* EXERCISE AIM *
Exact reproduction of all the data is required, with pictures excluded.
____________________
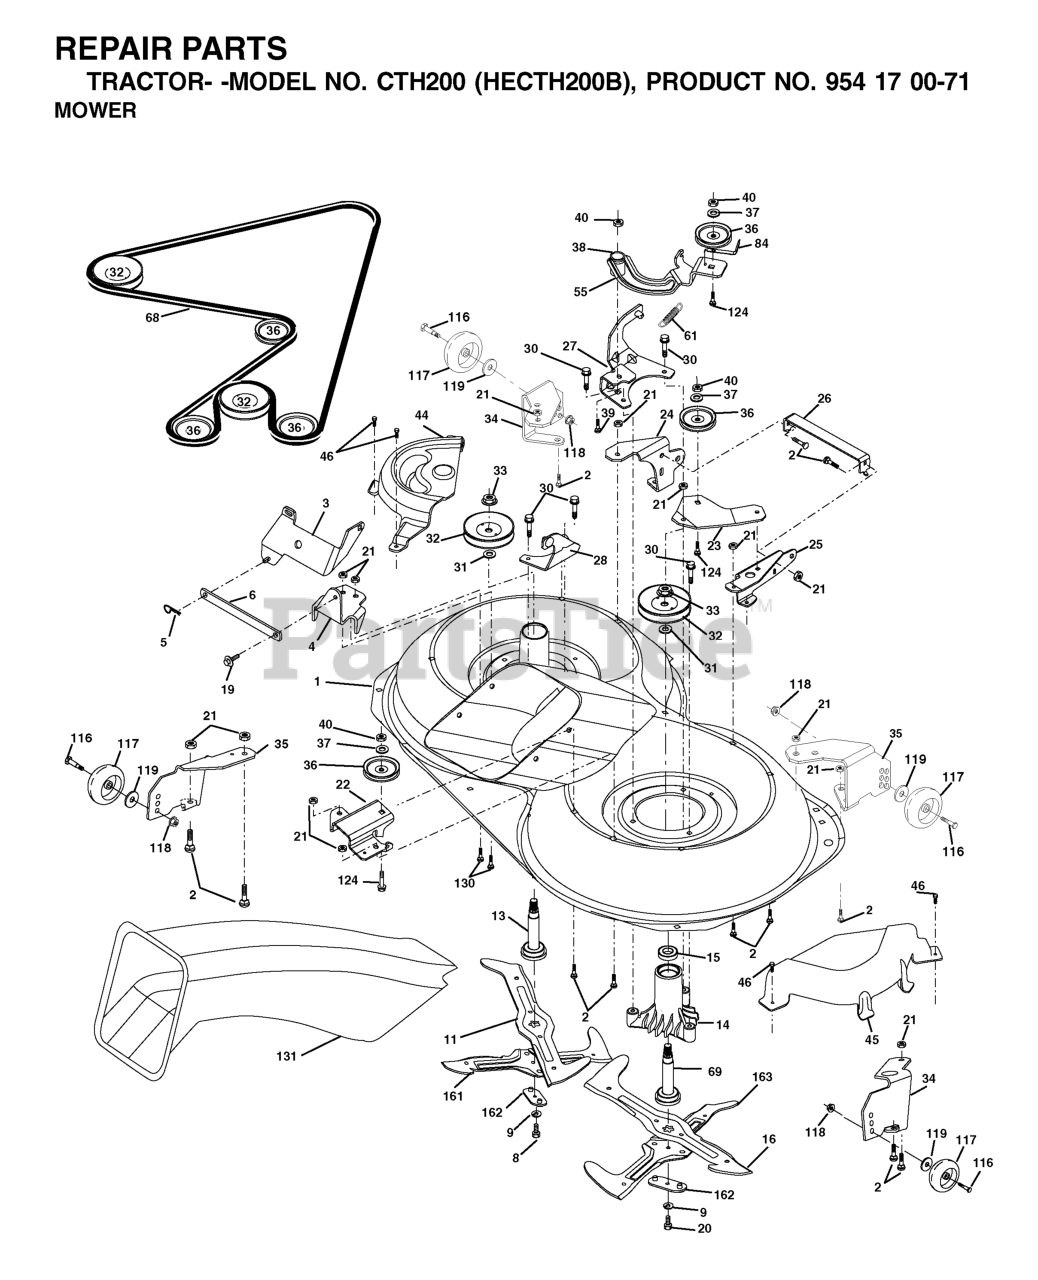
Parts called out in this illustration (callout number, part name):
1	Housing Asm. Mower 107 CRD
2	RP BOLT 5/16-18 X3/4 ZN/YEL GR
5	RETAINER SPRING
6	BAR.SWAY.92.CRD
8	BOLT.3/8-24X1.25 GR8
9	LOCKWASHER
11	BLADE.3N1.LH.CRD
13	SHAFT ASM VENT
14	HOUSING.MANDREL.VENTED (MACHD)
16	BLADE.3N1.RH.CRD
19	BOLT SHD 5/16-18
20	BOLT.3/8-24X1.25GR8. LHTHRD
21	LOCKNUT
22	BRACKET.IDLER.RR.107.CRD
25	BRACKET.SUSPENSION.RF.107.CRD
26	BRACE.SUPT.SUSP.FRT.CRD
28	BRACKET
30	SCREW, WASHER HEAD
31	WASHER
33	NUT, FLG TOPLOCK 9/16"
36	PULLEY.IDLER.4.25
37	WASHER
45	COVER.MANDREL.RH.CRD
46	SCREW.1/4-20X5/8
55	ARM.IDLER.107.CRD
68	HEX-BELT 107 MOWER
69	SHAFT.ASM.W/LWR.BRG.RH.THREAD
84	KEEPER, BELT IDLER
116	BOLT, SHOULDER
117	WHEEL GAGE DONUT
118	LOCKNUT
119	WASHER.5/16.FLAT.STE.STD.
124	BOLT.3/8-16X1.50
130	BOLT.CARR.SQNK.5/16-18UNC.X3/4
131	CHUTE BAGGER
163	BLADE.CROSS.RH.CRD.107
____________________
* WRITTEN SOLUTION *
Parts called out in this illustration (callout number, part name):
1	Housing Asm. Mower 107 CRD
2	RP BOLT 5/16-18 X3/4 ZN/YEL GR
5	RETAINER SPRING
6	BAR.SWAY.92.CRD
8	BOLT.3/8-24X1.25 GR8
9	LOCKWASHER
11	BLADE.3N1.LH.CRD
13	SHAFT ASM VENT
14	HOUSING.MANDREL.VENTED (MACHD)
16	BLADE.3N1.RH.CRD
19	BOLT SHD 5/16-18
20	BOLT.3/8-24X1.25GR8. LHTHRD
21	LOCKNUT
22	BRACKET.IDLER.RR.107.CRD
25	BRACKET.SUSPENSION.RF.107.CRD
26	BRACE.SUPT.SUSP.FRT.CRD
28	BRACKET
30	SCREW, WASHER HEAD
31	WASHER
33	NUT, FLG TOPLOCK 9/16"
36	PULLEY.IDLER.4.25
37	WASHER
45	COVER.MANDREL.RH.CRD
46	SCREW.1/4-20X5/8
55	ARM.IDLER.107.CRD
68	HEX-BELT 107 MOWER
69	SHAFT.ASM.W/LWR.BRG.RH.THREAD
84	KEEPER, BELT IDLER
116	BOLT, SHOULDER
117	WHEEL GAGE DONUT
118	LOCKNUT
119	WASHER.5/16.FLAT.STE.STD.
124	BOLT.3/8-16X1.50
130	BOLT.CARR.SQNK.5/16-18UNC.X3/4
131	CHUTE BAGGER
163	BLADE.CROSS.RH.CRD.107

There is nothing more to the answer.